His tone of voice made Stone pause. They'd been partners for two years. They'd slept in the same hotel room, eaten more meals together than apart, and seen things that would give an Army vet nightmares. In those two years, until the Hawthorne Hotel lobby, Stone hadn't developed strong feelings either way for the man. But now, something in Clancy's eyes made Stone wonder if they would have been friends had they met outside this business.

“How bad does this stink to you?” Clancy asked.

“Pretty bad,” Stone agreed.

“You saw what was taken off of 'em, right? Two burner phones, Wiley's iPhone, Odegaard's licensed piece, pocket junk, a bottle of prescription pills, that tracker dot that I assume you planted back at the Hawthorne, and a goddamned handwritten Emily Dickinson poem. What are we supposed to do with that?”

Stone had seen all those things. He'd also witnessed Clancy's reaction to the poem. The man had seemed puzzled, and then annoyed, and then tossed the poem back into the holdings pile like dirty toilet paper. Stone wondered what he'd been expecting to find. “We leave it. Whoever the uppers call in to finish this trumped-up case can sort it out.”

“Yeah,” Clancy said, his voice quiet. They resumed their walk to the front door, the hive buzz of the police station swarming around them. “So why do I think those two won't make it to the end of the week, even if neither of them does a damn thing wrong?”

Stone held the door for Clancy. Neither man attempted to meet the other's eyes. There was no need. They were both thinking the same thing. And the only reason Stone could walk out these doors was because jail—at least what passed for jail in this town—was currently the safest place for Salem Wiley and Isabel Odegaard.

61

Twenty-Six Years Old

“S
alem, this is Rachel. Rachel, Salem.”

The woman holds out her petite hand. Everything about her makes Salem feel like a huge, torpid moose. “I've heard so much about you!”

Salem shakes her hand. She realizes it's the first time she's been in the same room as Bel in a year. “You too.” It's not true, but it's the polite thing to say. Salem and Bel circle each other like strangers, relatives who only connect on holidays.

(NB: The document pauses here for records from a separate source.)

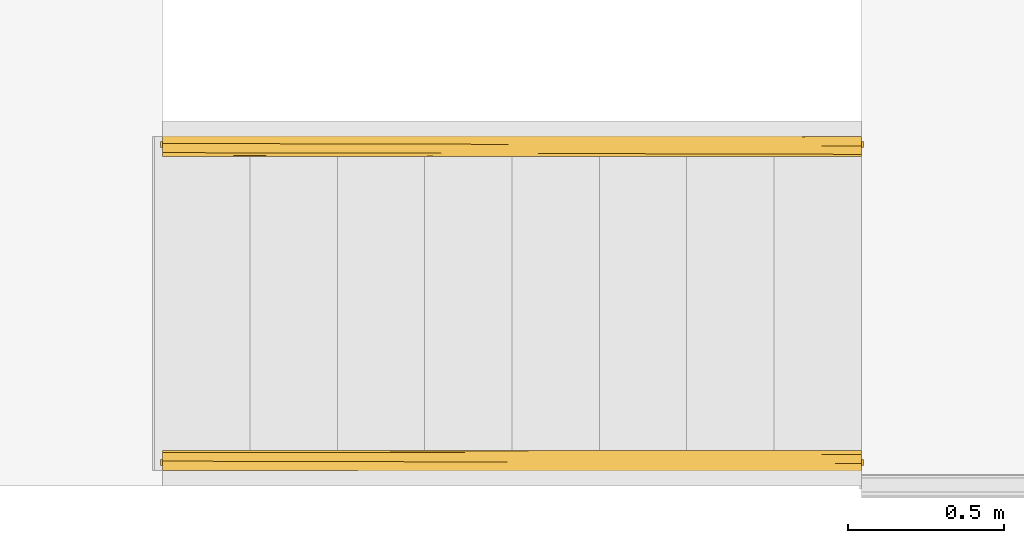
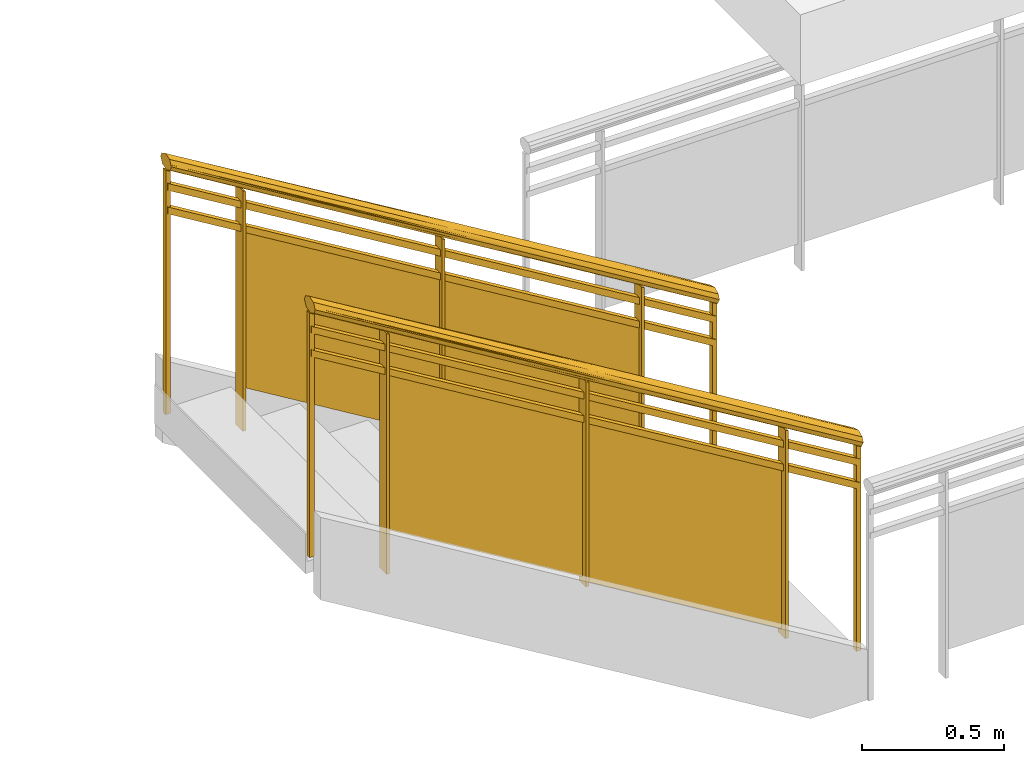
# One storey, part 3 of 4: 2 railings, 1 element without a shape of its own.
"""IFC2X3 building model written with IfcOpenShell, lengths in feet."""

from ifc_helpers import new_model, entity, si_unit, converted_unit, derived_unit, direction, frame, origin, place, context, subcontext, project, spatial, faceted_brep, material, material_list, element, aggregate, save


model = new_model("IFC2X3")

# Units and contexts
model_context = context("Model", 3, precision=0.0001, world=origin(), true_north=direction((6.12303176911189e-17, 1.0)))
body_context = subcontext(model_context, "Body", "Model", "MODEL_VIEW")
ifc_project = project(units=[converted_unit("LENGTHUNIT", "FOOT", entity("IfcRatioMeasure", 0.3048), si_unit("LENGTHUNIT", "METRE"), dimensions=[1, 0, 0, 0, 0, 0, 0]), converted_unit("AREAUNIT", "SQUARE FOOT", entity("IfcRatioMeasure", 0.09290304), si_unit("AREAUNIT", "SQUARE_METRE"), dimensions=[2, 0, 0, 0, 0, 0, 0]), converted_unit("VOLUMEUNIT", "CUBIC FOOT", entity("IfcRatioMeasure", 0.028316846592), si_unit("VOLUMEUNIT", "CUBIC_METRE"), dimensions=[3, 0, 0, 0, 0, 0, 0]), converted_unit("PLANEANGLEUNIT", "DEGREE", entity("IfcRatioMeasure", 0.0174532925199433), si_unit("PLANEANGLEUNIT", "RADIAN"), dimensions=[0, 0, 0, 0, 0, 0, 0]), si_unit("MASSUNIT", "GRAM", prefix="KILO"), derived_unit("MASSDENSITYUNIT", [(si_unit("MASSUNIT", "GRAM", prefix="KILO"), 1), (si_unit("LENGTHUNIT", "METRE"), -3)]), si_unit("TIMEUNIT", "SECOND"), si_unit("FREQUENCYUNIT", "HERTZ"), si_unit("THERMODYNAMICTEMPERATUREUNIT", "DEGREE_CELSIUS"), derived_unit("THERMALTRANSMITTANCEUNIT", [(si_unit("MASSUNIT", "GRAM", prefix="KILO"), 1), (si_unit("THERMODYNAMICTEMPERATUREUNIT", "KELVIN"), -1), (si_unit("TIMEUNIT", "SECOND"), -3)]), derived_unit("VOLUMETRICFLOWRATEUNIT", [(si_unit("LENGTHUNIT", "METRE"), 3), (si_unit("TIMEUNIT", "SECOND"), -1)]), si_unit("ELECTRICCURRENTUNIT", "AMPERE"), si_unit("ELECTRICVOLTAGEUNIT", "VOLT"), si_unit("POWERUNIT", "WATT"), si_unit("FORCEUNIT", "NEWTON"), si_unit("ILLUMINANCEUNIT", "LUX"), si_unit("LUMINOUSFLUXUNIT", "LUMEN"), si_unit("LUMINOUSINTENSITYUNIT", "CANDELA"), derived_unit("USERDEFINED", [(si_unit("MASSUNIT", "GRAM", prefix="KILO"), -1), (si_unit("LENGTHUNIT", "METRE"), -2), (si_unit("TIMEUNIT", "SECOND"), 3), (si_unit("LUMINOUSFLUXUNIT", "LUMEN"), 1)]), derived_unit("LINEARVELOCITYUNIT", [(si_unit("LENGTHUNIT", "METRE"), 1), (si_unit("TIMEUNIT", "SECOND"), -1)]), si_unit("PRESSUREUNIT", "PASCAL"), derived_unit("USERDEFINED", [(si_unit("LENGTHUNIT", "METRE"), -2), (si_unit("MASSUNIT", "GRAM", prefix="KILO"), 1), (si_unit("TIMEUNIT", "SECOND"), -2)])], contexts=[model_context])

# Site, building, storey
site_placement = place(None, origin())
site = spatial("IfcSite", under=ifc_project, at=site_placement, Name="Default", CompositionType="ELEMENT")
building_placement = place(site_placement, origin())
building = spatial("IfcBuilding", under=site, at=building_placement, CompositionType="ELEMENT")
storey_placement = place(building_placement, frame((0.0, 0.0, 45.0)))
storey = spatial("IfcBuildingStorey", under=building, at=storey_placement, Name="L 8", CompositionType="ELEMENT", Elevation=44.9999999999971)

# Stair, railings
stair_placement = place(storey_placement, origin())
stair = element("IfcStair", 1, at=stair_placement, inside=storey, Name="Assembled Stair:Stair", ObjectType="Assembled Stair:7\" max riser 11\" tread", ShapeType="NOTDEFINED")
ifc_material_1 = material(Name="Glass")
ifc_material_2 = material(Name="alum - color")
ifc_material_list_1 = material_list([ifc_material_1, ifc_material_2])
railing_1_placement = place(stair_placement, frame((-46.3459961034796, -11.8838750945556, 0.555555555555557)))
railing_1 = element("IfcRailing", 2, at=railing_1_placement, material=ifc_material_list_1, Name="Railing:Glass Panel - Bottom Fill", ObjectType="Railing:Glass Panel - Bottom Fill", PredefinedType="NOTDEFINED", context=body_context, shape_type="Brep", body=[
    faceted_brep([(1.04166666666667, 0.21356716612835, 6.71557302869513), (1.04166666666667, 0.0469004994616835, 6.71557302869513), (1.04166666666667, 0.0469004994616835, 3.33333333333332), (1.04166666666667, 0.21356716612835, 3.33333333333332), (1.0, 0.213567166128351, 6.74082555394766), (1.0, 0.213567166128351, 3.33333333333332), (1.0, 0.0469004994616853, 6.74082555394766), (1.0, 0.0469004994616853, 3.33333333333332)], [[[0, 1, 2, 3]], [[4, 0, 3, 5]], [[6, 4, 5, 7]], [[1, 6, 7, 2]], [[1, 0, 4, 6]], [[3, 2, 7, 5]]]),
    faceted_brep([(3.68750000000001, 0.10879302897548, 2.30303030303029), (3.68750000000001, 0.10879302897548, 4.50683388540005), (1.02083333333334, 0.108793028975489, 6.1229955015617), (1.02083333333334, 0.108793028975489, 3.91919191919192), (3.68750000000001, 0.129626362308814, 2.30303030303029), (1.02083333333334, 0.129626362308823, 3.91919191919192), (1.02083333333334, 0.129626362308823, 6.1229955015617), (3.68750000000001, 0.129626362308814, 4.50683388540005)], [[[0, 1, 2, 3]], [[4, 5, 6, 7]], [[1, 0, 4, 7]], [[2, 1, 7, 6]], [[3, 2, 6, 5]], [[0, 3, 5, 4]]]),
    faceted_brep([(3.70833333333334, 0.213567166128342, 5.09941141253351), (3.70833333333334, 0.0469004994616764, 5.09941141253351), (3.70833333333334, 0.0469004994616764, 2.22222222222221), (3.70833333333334, 0.213567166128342, 2.22222222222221), (3.66666666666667, 0.213567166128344, 5.12466393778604), (3.66666666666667, 0.213567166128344, 2.22222222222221), (3.66666666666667, 0.0469004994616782, 5.12466393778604), (3.66666666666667, 0.0469004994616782, 2.22222222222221)], [[[0, 1, 2, 3]], [[4, 0, 3, 5]], [[6, 4, 5, 7]], [[1, 6, 7, 2]], [[1, 0, 4, 6]], [[3, 2, 7, 5]]]),
    faceted_brep([(6.35416666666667, 0.108793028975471, 0.636363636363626), (6.35416666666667, 0.108793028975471, 2.89067226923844), (3.68750000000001, 0.10879302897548, 4.50683388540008), (3.68750000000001, 0.10879302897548, 2.25252525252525), (6.35416666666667, 0.129626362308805, 0.636363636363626), (3.68750000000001, 0.129626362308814, 2.25252525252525), (3.68750000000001, 0.129626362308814, 4.50683388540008), (6.35416666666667, 0.129626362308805, 2.89067226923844)], [[[0, 1, 2, 3]], [[4, 5, 6, 7]], [[1, 0, 4, 7]], [[2, 1, 7, 6]], [[3, 2, 6, 5]], [[0, 3, 5, 4]]]),
    faceted_brep([(6.37500000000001, 0.213567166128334, 3.4832497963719), (6.37500000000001, 0.0469004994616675, 3.4832497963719), (6.37500000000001, 0.0469004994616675, 0.55555555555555), (6.37500000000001, 0.213567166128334, 0.55555555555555), (6.33333333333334, 0.213567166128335, 3.50850232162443), (6.33333333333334, 0.213567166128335, 0.55555555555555), (6.33333333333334, 0.0469004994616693, 3.50850232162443), (6.33333333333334, 0.0469004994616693, 0.55555555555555)], [[[0, 1, 2, 3]], [[4, 0, 3, 5]], [[6, 4, 5, 7]], [[1, 6, 7, 2]], [[1, 0, 4, 6]], [[3, 2, 7, 5]]]),
    faceted_brep([(0.0625, 0.161483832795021, 7.30900737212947), (0.0625, 0.098983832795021, 7.30900737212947), (0.0625, 0.098983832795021, 3.88888888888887), (0.0625, 0.161483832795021, 3.88888888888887), (0.0, 0.161483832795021, 7.34688616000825), (0.0, 0.161483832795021, 3.88888888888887), (0.0, 0.098983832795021, 7.34688616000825), (0.0, 0.098983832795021, 3.88888888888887)], [[[0, 1, 2, 3]], [[4, 0, 3, 5]], [[6, 4, 5, 7]], [[1, 6, 7, 2]], [[1, 0, 4, 6]], [[3, 2, 7, 5]]]),
    faceted_brep([(7.37500000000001, 0.161483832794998, 2.8771891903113), (7.37500000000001, 0.0989838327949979, 2.8771891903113), (7.37500000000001, 0.0989838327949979, 0.0), (7.37500000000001, 0.161483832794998, 0.0), (7.31250000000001, 0.161483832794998, 2.91506797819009), (7.31250000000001, 0.161483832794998, 0.0), (7.31250000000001, 0.0989838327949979, 2.91506797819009), (7.31250000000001, 0.0989838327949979, 0.0)], [[[0, 1, 2, 3]], [[4, 0, 3, 5]], [[6, 4, 5, 7]], [[1, 6, 7, 2]], [[1, 0, 4, 6]], [[3, 2, 7, 5]]]),
    faceted_brep([(7.35416666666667, 0.171900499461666, 2.71538833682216), (7.35416666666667, 0.0885671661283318, 2.71538833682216), (7.35416666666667, 0.0885671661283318, 2.61794499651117), (7.35416666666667, 0.171900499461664, 2.61794499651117), (0.0208333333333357, 0.171900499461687, 7.15983278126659), (0.0208333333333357, 0.171900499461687, 7.0623894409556), (0.0208333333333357, 0.0885671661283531, 7.0623894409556), (0.0208333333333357, 0.0885671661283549, 7.15983278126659)], [[[0, 1, 2, 3]], [[4, 5, 6, 7]], [[1, 0, 4, 7]], [[2, 1, 7, 6]], [[3, 2, 6, 5]], [[0, 3, 5, 4]]]),
    faceted_brep([(7.35416666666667, 0.171900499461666, 2.38205500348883), (7.35416666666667, 0.0885671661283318, 2.38205500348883), (7.35416666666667, 0.0885671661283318, 2.28461166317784), (7.35416666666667, 0.171900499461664, 2.28461166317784), (0.0208333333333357, 0.171900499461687, 6.82649944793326), (0.0208333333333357, 0.171900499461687, 6.72905610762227), (0.0208333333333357, 0.0885671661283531, 6.72905610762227), (0.0208333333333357, 0.0885671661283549, 6.82649944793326)], [[[0, 1, 2, 3]], [[4, 5, 6, 7]], [[1, 0, 4, 7]], [[2, 1, 7, 6]], [[3, 2, 6, 5]], [[0, 3, 5, 4]]]),
    faceted_brep([(7.35416666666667, 0.213875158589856, 3.08146632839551), (7.35416666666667, 0.1655214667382, 3.09524477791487), (7.35416666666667, 0.117167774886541, 3.10902322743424), (7.35416666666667, 0.0731372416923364, 3.08672922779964), (7.35416666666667, 0.02910670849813, 3.06443522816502), (7.35416666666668, 0.0171702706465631, 3.03221761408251), (7.35416666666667, 0.00523383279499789, 3.0), (7.35416666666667, 0.025913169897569, 2.95926683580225), (7.35416666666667, 0.0465925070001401, 2.91853367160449), (7.35416666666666, 0.0949461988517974, 2.90475522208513), (7.35416666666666, 0.119123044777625, 2.89786599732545), (7.35416666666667, 0.143299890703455, 2.89097677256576), (7.35416666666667, 0.187330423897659, 2.91327077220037), (7.35416666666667, 0.231360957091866, 2.93556477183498), (7.35416666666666, 0.243297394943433, 2.96778238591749), (7.35416666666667, 0.255233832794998, 3.0), (7.35416666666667, 0.234554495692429, 3.04073316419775), (0.0208333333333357, 0.23455449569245, 7.40371128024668), (0.0208333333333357, 0.213875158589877, 7.36297811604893), (0.0208333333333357, 0.165521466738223, 7.34919966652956), (0.0208333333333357, 0.117167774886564, 7.33542121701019), (0.0208333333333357, 0.0731372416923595, 7.35771521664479), (0.0208333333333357, 0.0291067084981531, 7.3800092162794), (0.0208333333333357, 0.0171702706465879, 7.41222683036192), (0.0208333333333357, 0.00523383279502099, 7.44444444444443), (0.0208333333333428, 0.0160886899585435, 7.46582582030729), (0.0208333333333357, 0.0259131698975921, 7.48517760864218), (0.0208333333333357, 0.0465925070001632, 7.52591077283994), (0.0208333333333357, 0.0949461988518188, 7.5396892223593), (0.0208333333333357, 0.143299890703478, 7.55346767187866), (0.0208333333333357, 0.165315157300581, 7.54232067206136), (0.0208333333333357, 0.187330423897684, 7.53117367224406), (0.0208333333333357, 0.231360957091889, 7.50887967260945), (0.0208333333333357, 0.243297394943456, 7.47666205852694), (0.0208333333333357, 0.255233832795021, 7.44444444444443), (3.6747094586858, 0.0137122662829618, 5.19028869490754), (3.50252181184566, 0.0829558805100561, 5.23284993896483), (3.45921612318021, 0.0528675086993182, 5.27447257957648), (4.29628493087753, 0.0291542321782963, 4.78876910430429), (4.21551463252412, 0.00523383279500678, 4.90221335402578), (3.1594910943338, 0.00523383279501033, 5.54222761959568), (3.33385169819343, 0.197494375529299, 5.34415364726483), (4.14914124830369, 0.165864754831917, 4.83736380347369), (3.68570699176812, 0.130266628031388, 5.11368513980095), (3.64781981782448, 0.223695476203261, 5.17347577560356), (3.92848502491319, 0.242734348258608, 5.02838773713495), (4.21550339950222, 0.255233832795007, 4.90222016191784), (3.82716822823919, 0.248958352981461, 5.17187272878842), (4.04455402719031, 0.234486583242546, 5.06630868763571), (3.23018888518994, 0.211415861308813, 5.58273826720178), (3.68909777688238, 0.181027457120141, 5.32141906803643), (4.18350805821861, 0.00868237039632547, 4.94718335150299), (3.83159048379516, 0.133323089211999, 5.24448493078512), (3.94783373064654, 0.0988442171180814, 5.17055526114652), (3.77597728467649, 0.0386138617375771, 5.24317359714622), (3.99573411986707, 0.0188155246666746, 5.08510860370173), (3.11455551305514, 0.0671397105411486, 5.66409552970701)], [[[0, 1, 2, 3, 4, 5, 6, 7, 8, 9, 10, 11, 12, 13, 14, 15, 16]], [[17, 18, 19, 20, 21, 22, 23, 24, 25, 26, 27, 28, 29, 30, 31, 32, 33, 34]], [[35, 7, 6]], [[9, 8, 36, 10]], [[22, 37, 38]], [[37, 36, 8]], [[21, 36, 37]], [[35, 6, 39, 40]], [[41, 42, 19]], [[38, 7, 35]], [[19, 42, 43]], [[44, 41, 18]], [[13, 45, 14]], [[8, 38, 37]], [[44, 12, 41]], [[38, 8, 7]], [[11, 43, 42]], [[17, 34, 46]], [[35, 23, 22]], [[11, 10, 43]], [[40, 24, 23]], [[21, 37, 22]], [[36, 21, 20]], [[36, 20, 43]], [[36, 43, 10]], [[43, 20, 19]], [[42, 12, 11]], [[12, 42, 41]], [[13, 12, 44]], [[18, 41, 19]], [[46, 15, 14]], [[44, 18, 17]], [[17, 45, 44]], [[38, 35, 22]], [[45, 17, 46]], [[23, 35, 40]], [[44, 45, 13]], [[14, 45, 46]], [[16, 47, 48]], [[0, 48, 49]], [[49, 31, 50]], [[31, 30, 50]], [[51, 26, 25]], [[2, 52, 53]], [[54, 27, 26]], [[54, 55, 4]], [[26, 51, 55]], [[47, 16, 15]], [[54, 26, 55]], [[5, 4, 55]], [[25, 24, 40, 39]], [[56, 54, 3]], [[56, 3, 53]], [[50, 0, 49]], [[27, 54, 56]], [[51, 39, 6]], [[53, 52, 28]], [[54, 4, 3]], [[56, 28, 27]], [[28, 56, 53]], [[5, 55, 51]], [[29, 28, 52]], [[2, 53, 3]], [[30, 29, 52]], [[52, 2, 1]], [[1, 0, 50]], [[52, 50, 30]], [[1, 50, 52]], [[49, 32, 31]], [[32, 49, 48]], [[33, 48, 47]], [[16, 48, 0]], [[46, 34, 47, 15]], [[33, 32, 48]], [[33, 47, 34]], [[5, 51, 6]], [[39, 51, 25]]]),
])
ifc_material_list_2 = material_list([ifc_material_1, ifc_material_2])
railing_2_placement = place(stair_placement, frame((-46.3459961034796, -15.2172084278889, 0.555555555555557)))
railing_2 = element("IfcRailing", 3, at=railing_2_placement, material=ifc_material_list_2, Name="Railing:Glass Panel - Bottom Fill", ObjectType="Railing:Glass Panel - Bottom Fill", PredefinedType="NOTDEFINED", context=body_context, shape_type="Brep", body=[
    faceted_brep([(1.04166666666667, 0.0469004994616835, 6.71557302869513), (1.04166666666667, 0.0469004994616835, 3.33333333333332), (1.04166666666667, 0.213567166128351, 3.33333333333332), (1.04166666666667, 0.213567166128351, 6.71557302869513), (1.0, 0.0469004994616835, 6.74082555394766), (1.0, 0.0469004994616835, 3.33333333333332), (1.0, 0.213567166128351, 6.74082555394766), (1.0, 0.213567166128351, 3.33333333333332)], [[[0, 1, 2, 3]], [[4, 5, 1, 0]], [[6, 7, 5, 4]], [[3, 2, 7, 6]], [[3, 6, 4, 0]], [[1, 5, 7, 2]]]),
    faceted_brep([(3.68750000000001, 0.151674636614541, 2.30303030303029), (1.02083333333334, 0.151674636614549, 3.91919191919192), (1.02083333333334, 0.151674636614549, 6.1229955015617), (3.68750000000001, 0.151674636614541, 4.50683388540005), (3.68750000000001, 0.130841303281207, 2.30303030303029), (3.68750000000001, 0.130841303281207, 4.50683388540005), (1.02083333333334, 0.130841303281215, 6.1229955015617), (1.02083333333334, 0.130841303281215, 3.91919191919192)], [[[0, 1, 2, 3]], [[4, 5, 6, 7]], [[3, 5, 4, 0]], [[2, 6, 5, 3]], [[1, 7, 6, 2]], [[0, 4, 7, 1]]]),
    faceted_brep([(3.70833333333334, 0.0469004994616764, 5.09941141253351), (3.70833333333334, 0.0469004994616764, 2.22222222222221), (3.70833333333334, 0.213567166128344, 2.22222222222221), (3.70833333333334, 0.213567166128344, 5.09941141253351), (3.66666666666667, 0.0469004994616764, 5.12466393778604), (3.66666666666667, 0.0469004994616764, 2.22222222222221), (3.66666666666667, 0.213567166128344, 5.12466393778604), (3.66666666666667, 0.213567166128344, 2.22222222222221)], [[[0, 1, 2, 3]], [[4, 5, 1, 0]], [[6, 7, 5, 4]], [[3, 2, 7, 6]], [[3, 6, 4, 0]], [[1, 5, 7, 2]]]),
    faceted_brep([(6.35416666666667, 0.151674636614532, 0.636363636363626), (3.68750000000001, 0.151674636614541, 2.25252525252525), (3.68750000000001, 0.151674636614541, 4.50683388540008), (6.35416666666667, 0.151674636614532, 2.89067226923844), (6.35416666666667, 0.130841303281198, 0.636363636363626), (6.35416666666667, 0.130841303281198, 2.89067226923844), (3.68750000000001, 0.130841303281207, 4.50683388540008), (3.68750000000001, 0.130841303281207, 2.25252525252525)], [[[0, 1, 2, 3]], [[4, 5, 6, 7]], [[3, 5, 4, 0]], [[2, 6, 5, 3]], [[1, 7, 6, 2]], [[0, 4, 7, 1]]]),
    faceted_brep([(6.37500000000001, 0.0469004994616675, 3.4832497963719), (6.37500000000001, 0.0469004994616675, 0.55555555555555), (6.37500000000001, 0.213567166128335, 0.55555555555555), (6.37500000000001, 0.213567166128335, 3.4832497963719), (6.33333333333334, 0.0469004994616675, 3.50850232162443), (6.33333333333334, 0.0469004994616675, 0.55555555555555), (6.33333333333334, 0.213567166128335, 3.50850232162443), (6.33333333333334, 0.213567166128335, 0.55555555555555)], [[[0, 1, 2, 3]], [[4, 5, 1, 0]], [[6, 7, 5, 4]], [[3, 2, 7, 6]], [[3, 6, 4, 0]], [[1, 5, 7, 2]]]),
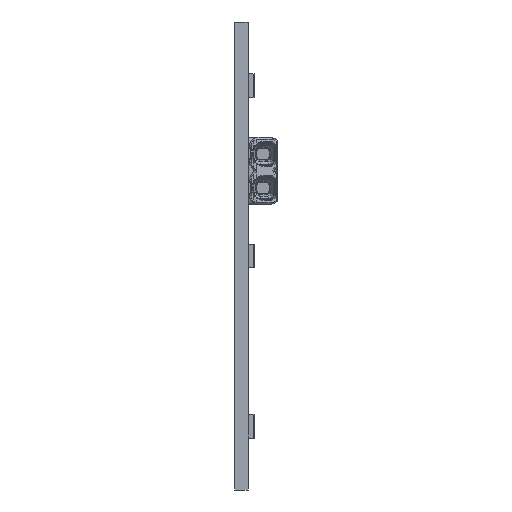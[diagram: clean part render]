
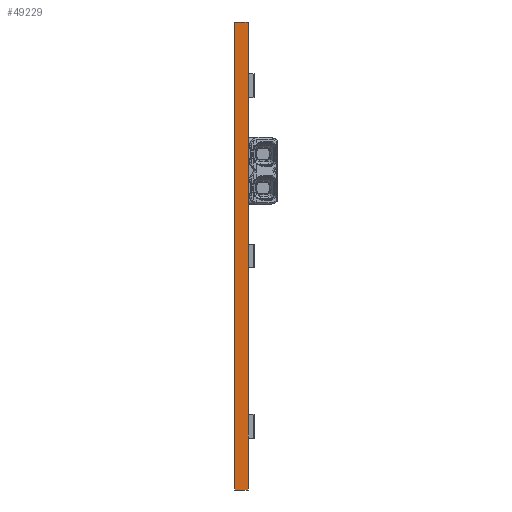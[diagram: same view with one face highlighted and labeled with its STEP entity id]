
A CAD part, left-side view. The second image highlights one B-rep face of the part: STEP entity #49229.
In plain terms, the highlighted planar face has unit normal (-1, 0, 0).
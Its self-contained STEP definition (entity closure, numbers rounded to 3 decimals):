
#2798=ORIENTED_EDGE('',*,*,#12766,.F.);
#2799=ORIENTED_EDGE('',*,*,#13097,.F.);
#2800=ORIENTED_EDGE('',*,*,#13090,.T.);
#2801=ORIENTED_EDGE('',*,*,#13117,.T.);
#12766=EDGE_CURVE('',#18036,#18037,#21414,.T.);
#13090=EDGE_CURVE('',#18296,#18297,#21522,.T.);
#13097=EDGE_CURVE('',#18296,#18036,#21529,.T.);
#13117=EDGE_CURVE('',#18297,#18037,#21549,.T.);
#18036=VERTEX_POINT('',#63168);
#18037=VERTEX_POINT('',#63169);
#18296=VERTEX_POINT('',#64259);
#18297=VERTEX_POINT('',#64260);
#21414=LINE('',#63167,#25382);
#21522=LINE('',#64258,#25490);
#21529=LINE('',#64271,#25497);
#21549=LINE('',#64302,#25517);
#25382=VECTOR('',#54007,1000.);
#25490=VECTOR('',#54381,1000.);
#25497=VECTOR('',#54392,1000.);
#25517=VECTOR('',#54434,1000.);
#29227=EDGE_LOOP('',(#2798,#2799,#2800,#2801));
#31453=FACE_BOUND('',#29227,.T.);
#33547=PLANE('',#51354);
#49229=ADVANCED_FACE('',(#31453),#33547,.T.);
#51354=AXIS2_PLACEMENT_3D('',#64303,#54435,#54436);
#54007=DIRECTION('',(0.,0.,-1.));
#54381=DIRECTION('',(0.,0.,-1.));
#54392=DIRECTION('',(0.,-1.,0.));
#54434=DIRECTION('',(0.,-1.,0.));
#54435=DIRECTION('',(-1.,0.,0.));
#54436=DIRECTION('',(0.,0.,1.));
#63167=CARTESIAN_POINT('',(-282.8,0.,27.5));
#63168=CARTESIAN_POINT('',(-282.8,0.,27.5));
#63169=CARTESIAN_POINT('',(-282.8,0.,-27.5));
#64258=CARTESIAN_POINT('',(-282.8,1.6,27.5));
#64259=CARTESIAN_POINT('',(-282.8,1.6,27.5));
#64260=CARTESIAN_POINT('',(-282.8,1.6,-27.5));
#64271=CARTESIAN_POINT('',(-282.8,1.6,27.5));
#64302=CARTESIAN_POINT('',(-282.8,1.6,-27.5));
#64303=CARTESIAN_POINT('',(-282.8,1.6,27.5));

“How's work? You still at the community ed center?” Bel turns to Rachel. “She teaches computer to inner city kids. A computer genius with a huge heart.”

Salem smiles. Or at least she thinks she does. She's not sure if it reaches her face. “Yep. And I got offered a research assistant job at the college.”

“Think you'll take it?”

“I think so.” The stilted small talk squeezes Salem tighter and tighter until she's trapped in an airless box. When Daniel died, Bel had moved in to Salem's house and slept in her bed until she relearned to fall asleep on her own. When Salem's mom forgot to shop for groceries or make meals, Bel made sure Gracie knew so that there was always food in Salem's house. When Michael Dingboom asked Salem to senior prom “as a friend,” Bel had driven back all the way from Chicago to help her get ready and give her kissing pointers, just in case.

That same Bel stands across from her now, a million miles away, twitchy, her and Rachel acting like they'd rather be anywhere else in the world. Bel makes alone time for Salem only once during the visit. It is to take Salem aside and ask her what she thinks of Rachel.

Salem makes the mistake of telling her the truth.

They won't speak again until Halloween morning.